There was also a significant rise in the amount of Indigenous defendants appearing in court on criminal charges. The researchers concluded that most of the increase in Indigenous convictions was due to heavier policing, with police preferring to charge Indigenous people rather than caution them or attempt to defuse the situation.
The major findings
The report ultimately concluded that three factors are primarily responsible for the growth in Indigenous incarceration in NSW.
The second is a spike in the proportion of Indigenous offenders receiving prison sentences, especially for the offence of stalking or intimidation.
The third is a significant increase in the time spent on remand by Aboriginal and Torres Strait Islander inmates, which is primarily due to tougher bail laws and delays in the NSW District Criminal Court.
Increased policing and enforcement measures
The researchers questioned why there would be such an abrupt increase in prison sentences for stalking or intimidation offences over recent years.
They reasoned that there’s no recent cause for such an increase in the commission of the offence itself, and it’s more likely a change in policing and enforcement policy, which in turn has led to a rapid rise in convictions.
According to the BOCSAR researchers, it’s difficult to know why these changes in policy have been implemented.
However, they do note that the offence of stalking or intimidation doesn’t actually require proof that the victim felt any physical or mental harm, and yet it carries a maximum penalty of 5 imprisonment.

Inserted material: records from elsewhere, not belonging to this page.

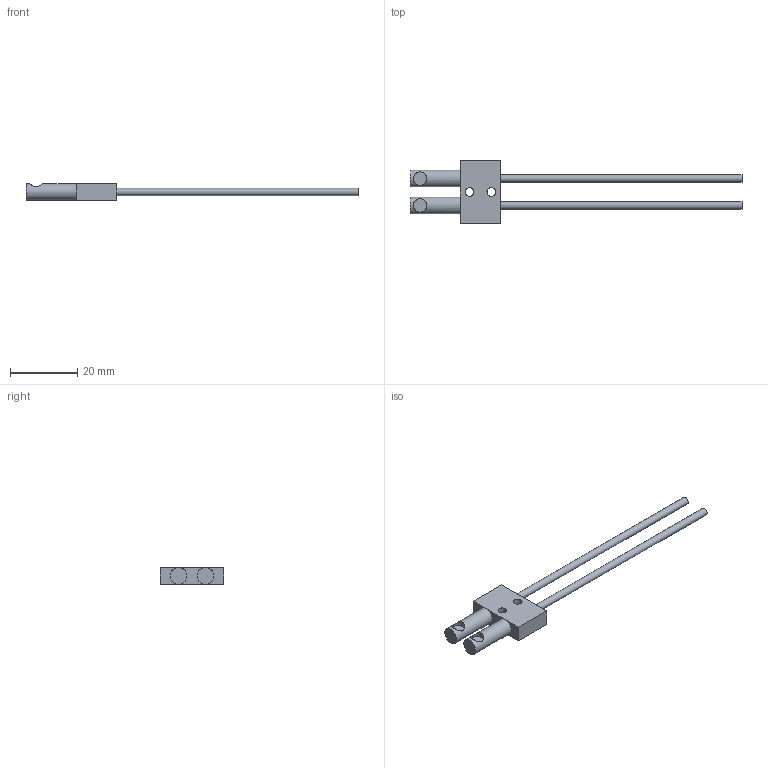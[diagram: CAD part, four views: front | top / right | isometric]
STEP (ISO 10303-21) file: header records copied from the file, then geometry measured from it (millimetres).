
FILE_DESCRIPTION(/* description */ (''),/* implementation_level */ '2;1');
FILE_NAME(/* name */ 'web_kf_eth_38h_20.stp',/* time_stamp */ '2013-01-08T14:44:35+01:00',/* author */ (''),/* organization */ (''),/* preprocessor_version */ 'ST-DEVELOPER v11',/* originating_system */ 'SIEMENS UGS NX 6.0',/* authorisation */ '');
FILE_SCHEMA (('CONFIG_CONTROL_DESIGN'));
Length unit declared in the file: millimetre
Products named in the file (1): 003808_00.0
Bounding box: 99 x 19 x 5 mm (x, y, z)
Volume: 2191.2 mm3; surface area: 2316.1 mm2
Topology: 1 solids, 1 shells, 22 faces, 46 edges, 28 vertices
Faces by surface type: plane 14, cylinder 8
Full cylindrical faces by diameter (mm): 2.2 x2, 2.6 x2, 4 x2, 5 x2
Entity records: 736 total; most frequent: CARTESIAN_POINT 215, DIRECTION 94, ORIENTED_EDGE 68, AXIS2_PLACEMENT_3D 39, EDGE_LOOP 38, EDGE_CURVE 34, FACE_BOUND 27, VERTEX_POINT 26
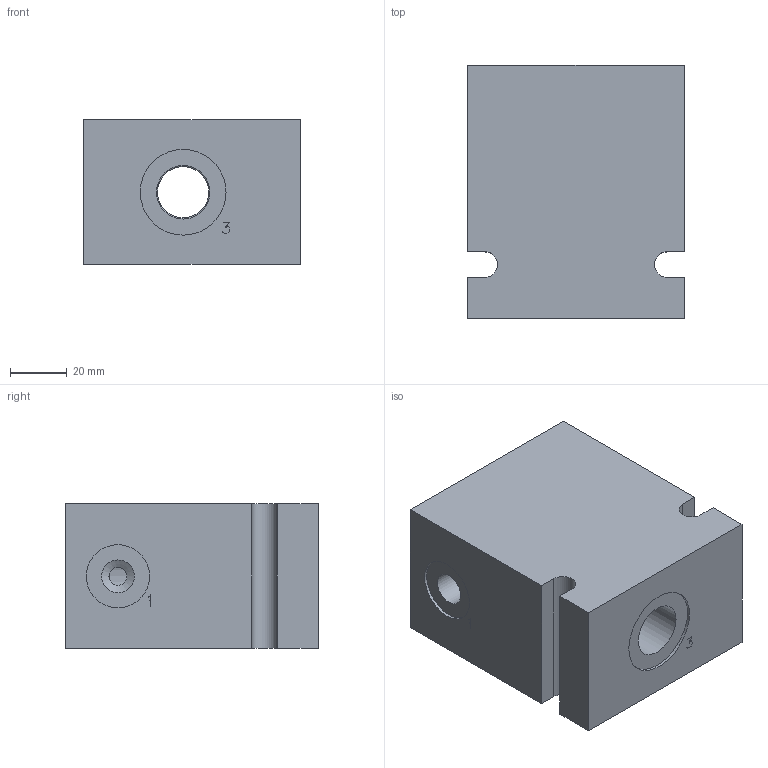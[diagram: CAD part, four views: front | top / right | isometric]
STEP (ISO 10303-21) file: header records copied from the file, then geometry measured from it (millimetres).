
FILE_DESCRIPTION( ( 'Unknown' ), '1' );
FILE_NAME( 'G:/Graphic Design/Graphic Design 2/Data Sheets/Delta Bodies/DRAWINGS/B-DTRC3.stp', 'Unknown', ( 'Unknown' ), ( 'Unknown' ), 'PSStep 16.0.42', 'Unknown', ' ' );
FILE_SCHEMA( ( 'AUTOMOTIVE_DESIGN { 1 0 10303 214 1 1 1 1 }' ) );
Length unit declared in the file: millimetre
Products named in the file (2): Assem1; B-DTRC3
Assembly tree (1 placements, depth 2):
  Assem1
    B-DTRC3
Bounding box: 76.2 x 88.9 x 50.8 mm (x, y, z)
Surface area: 39329.7 mm2 (no closed solid volume)
Topology: 0 solids, 131 shells, 131 faces, 631 edges, 595 vertices
Faces by surface type: plane 93, cylinder 27, cone 11
Full cylindrical faces by diameter (mm): 0.2 x3, 6.3 x1, 11.5 x2, 12 x1, 18 x1, 18.8 x4, 20 x1, 22.22 x1, 22.25 x1, 22.26 x1, 23.825 x1, 23.83 x1, 23.84 x1, 24.689 x1, 24.696 x2, 30.17 x2, 41.275 x1
Entity records: 6984 total; most frequent: CARTESIAN_POINT 1853, DIRECTION 672, ORIENTED_EDGE 576, EDGE_CURVE 576, VERTEX_POINT 576, B_SPLINE_CURVE_WITH_KNOTS 274, AXIS2_PLACEMENT_3D 237, LINE 198
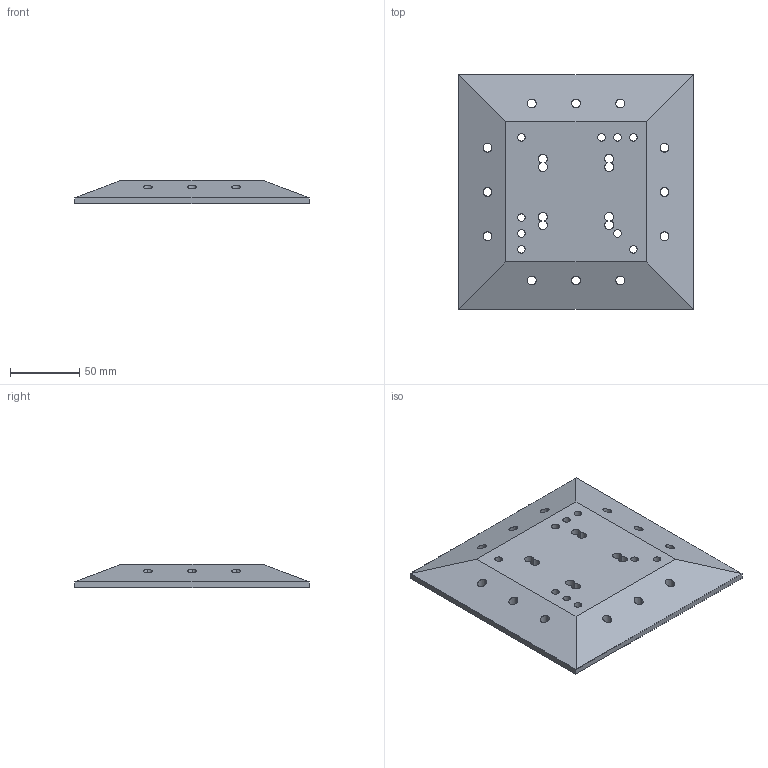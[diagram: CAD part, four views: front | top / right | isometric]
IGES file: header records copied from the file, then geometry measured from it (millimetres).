
Start section: Data from XPlus IGES,  Spatial Corp. Copyright (c) 1999-2004
Global section: file name: 9243049.igs; native system:  By Spatial Corp.; preprocessor: XPlus ACIS/IGES 3.0; author: Noname; organization: Noname; date: 20180220.172243; units: millimetre
Bounding box: 169.84 x 169.84 x 17 mm (x, y, z)
Surface area: 68034 mm2 (no closed solid volume)
Topology: 0 solids, 0 shells, 68 faces, 436 edges, 436 vertices
Faces by surface type: revolution 58, extrusion 10
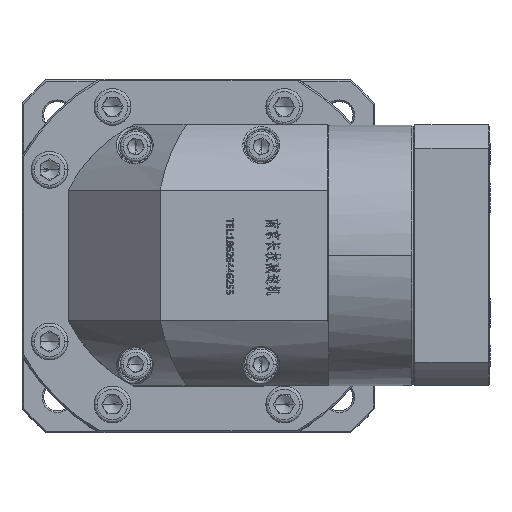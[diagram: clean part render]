
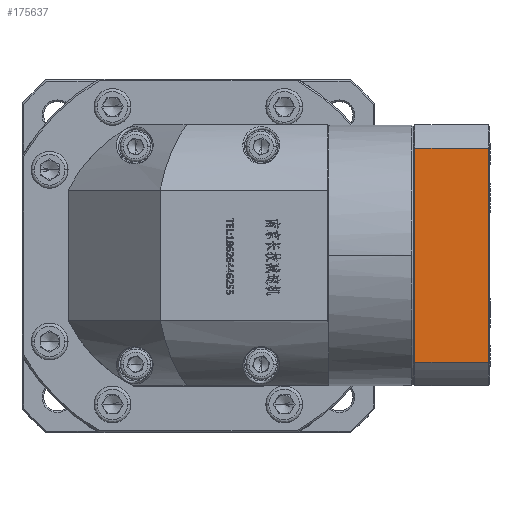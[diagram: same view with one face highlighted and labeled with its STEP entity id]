
A CAD part, top view. The second image highlights one B-rep face of the part: STEP entity #175637.
In plain terms, the highlighted planar face has unit normal (0, 0, 1).
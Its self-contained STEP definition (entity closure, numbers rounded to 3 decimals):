
#2515 = CARTESIAN_POINT ( 'NONE',  ( 75.861, 58.719, 319.002 ) ) ;
#16755 = DIRECTION ( 'NONE',  ( 1., 0., 0. ) ) ;
#23361 = DIRECTION ( 'NONE',  ( 0., -1., 0. ) ) ;
#28906 = VERTEX_POINT ( 'NONE', #155440 ) ;
#35807 = LINE ( 'NONE', #174119, #106807 ) ;
#38752 = DIRECTION ( 'NONE',  ( -1., 0., 0. ) ) ;
#38795 = CARTESIAN_POINT ( 'NONE',  ( 75.361, -11.102, 319.002 ) ) ;
#39500 = CARTESIAN_POINT ( 'NONE',  ( 51.361, -11.102, 319.002 ) ) ;
#39562 = EDGE_CURVE ( 'NONE', #163605, #124628, #115742, .T. ) ;
#40068 = CARTESIAN_POINT ( 'NONE',  ( 75.861, -11.102, 319.002 ) ) ;
#41058 = FACE_OUTER_BOUND ( 'NONE', #127134, .T. ) ;
#44153 = ORIENTED_EDGE ( 'NONE', *, *, #50145, .F. ) ;
#49086 = ORIENTED_EDGE ( 'NONE', *, *, #39562, .F. ) ;
#50145 = EDGE_CURVE ( 'NONE', #28906, #168578, #64697, .T. ) ;
#54370 = DIRECTION ( 'NONE',  ( -1., 0., 0. ) ) ;
#64697 = LINE ( 'NONE', #2515, #173353 ) ;
#75502 = VECTOR ( 'NONE', #23361, 1000. ) ;
#79950 = LINE ( 'NONE', #38795, #75502 ) ;
#103947 = EDGE_CURVE ( 'NONE', #28906, #124628, #35807, .T. ) ;
#106807 = VECTOR ( 'NONE', #131972, 1000. ) ;
#109450 = CARTESIAN_POINT ( 'NONE',  ( 75.861, -11.102, 319.002 ) ) ;
#111274 = VECTOR ( 'NONE', #38752, 1000. ) ;
#115742 = LINE ( 'NONE', #109450, #111274 ) ;
#122411 = ORIENTED_EDGE ( 'NONE', *, *, #165850, .F. ) ;
#124006 = CARTESIAN_POINT ( 'NONE',  ( 75.361, -11.102, 319.002 ) ) ;
#124628 = VERTEX_POINT ( 'NONE', #39500 ) ;
#127134 = EDGE_LOOP ( 'NONE', ( #122411, #44153, #142879, #49086 ) ) ;
#131972 = DIRECTION ( 'NONE',  ( 0., -1., 0. ) ) ;
#139241 = DIRECTION ( 'NONE',  ( 0., 0., -1. ) ) ;
#142879 = ORIENTED_EDGE ( 'NONE', *, *, #103947, .T. ) ;
#151219 = CARTESIAN_POINT ( 'NONE',  ( 75.361, 58.719, 319.002 ) ) ;
#152326 = PLANE ( 'NONE',  #160333 ) ;
#155440 = CARTESIAN_POINT ( 'NONE',  ( 51.361, 58.719, 319.002 ) ) ;
#160333 = AXIS2_PLACEMENT_3D ( 'NONE', #40068, #139241, #54370 ) ;
#163605 = VERTEX_POINT ( 'NONE', #124006 ) ;
#165850 = EDGE_CURVE ( 'NONE', #168578, #163605, #79950, .T. ) ;
#168578 = VERTEX_POINT ( 'NONE', #151219 ) ;
#173353 = VECTOR ( 'NONE', #16755, 1000. ) ;
#174119 = CARTESIAN_POINT ( 'NONE',  ( 51.361, -11.102, 319.002 ) ) ;
#175637 = ADVANCED_FACE ( 'NONE', ( #41058 ), #152326, .F. ) ;

The offence also attracts a “show cause” requirement to be eligible for bail. This means it’s more likely for someone charged with this offence to be held on remand, which is when they’re refused bail and have to await the finalisation of their case in prison.
Enforcing bond breaches
Most bond breaches are discovered by police – or parole officers – rather than reported, so it’s likely that the rise in court appearances for these offences is due in a large part to a change in enforcement policy, rather than any sort of major change in offending behaviour.
A section 9 bond is a good behaviour bond that comes with a criminal conviction and can last up to 5 years, while a section 12 is a bond that’s also referred to as a suspended sentence, and it can last for up to two years.
Curbing Indigenous incarceration
The researchers pointed out that all but two of 1,380 Indigenous people convicted in 2015 of assault occasioning actual bodily harm, intimidation or stalking, common assault, breaching a section 9 or 12 bond, or breaching an apprehended violence order received a sentence of less than 24 months imprisonment. And 92 percent of them received less than a 12 month prison sentence.
This means that the vast majority of those convicted for these offences were eligible for home detention or an intensive correction order – penalties that do not involve prison time.
Those sentenced to less than 18 months may be eligible for home detention, while those given less than 24 months may be eligible for an intensive correction order.
Non-custodial sentences should be utilised
What’s more, there’s evidence that both these alternative penalties lead to lower reoffending rates than full time imprisonment. However, these sanctions are less frequently used on Indigenous than non-Indigenous people, due to a range of factors including barriers such as homelessness and a lack of available services in remote areas.
“Removal of these barriers would assist in expanding the use” of non-custodial sentences, and, as the researchers point out, reduce the rate of Indigenous imprisonment.
If half of the inmates in 2015 who received prison sentences for the above-mentioned offences were given non-custodial options, then there would have been “689 fewer Indigenous offenders” sent to NSW correctional facilities that year, the BOCSAR researchers concluded.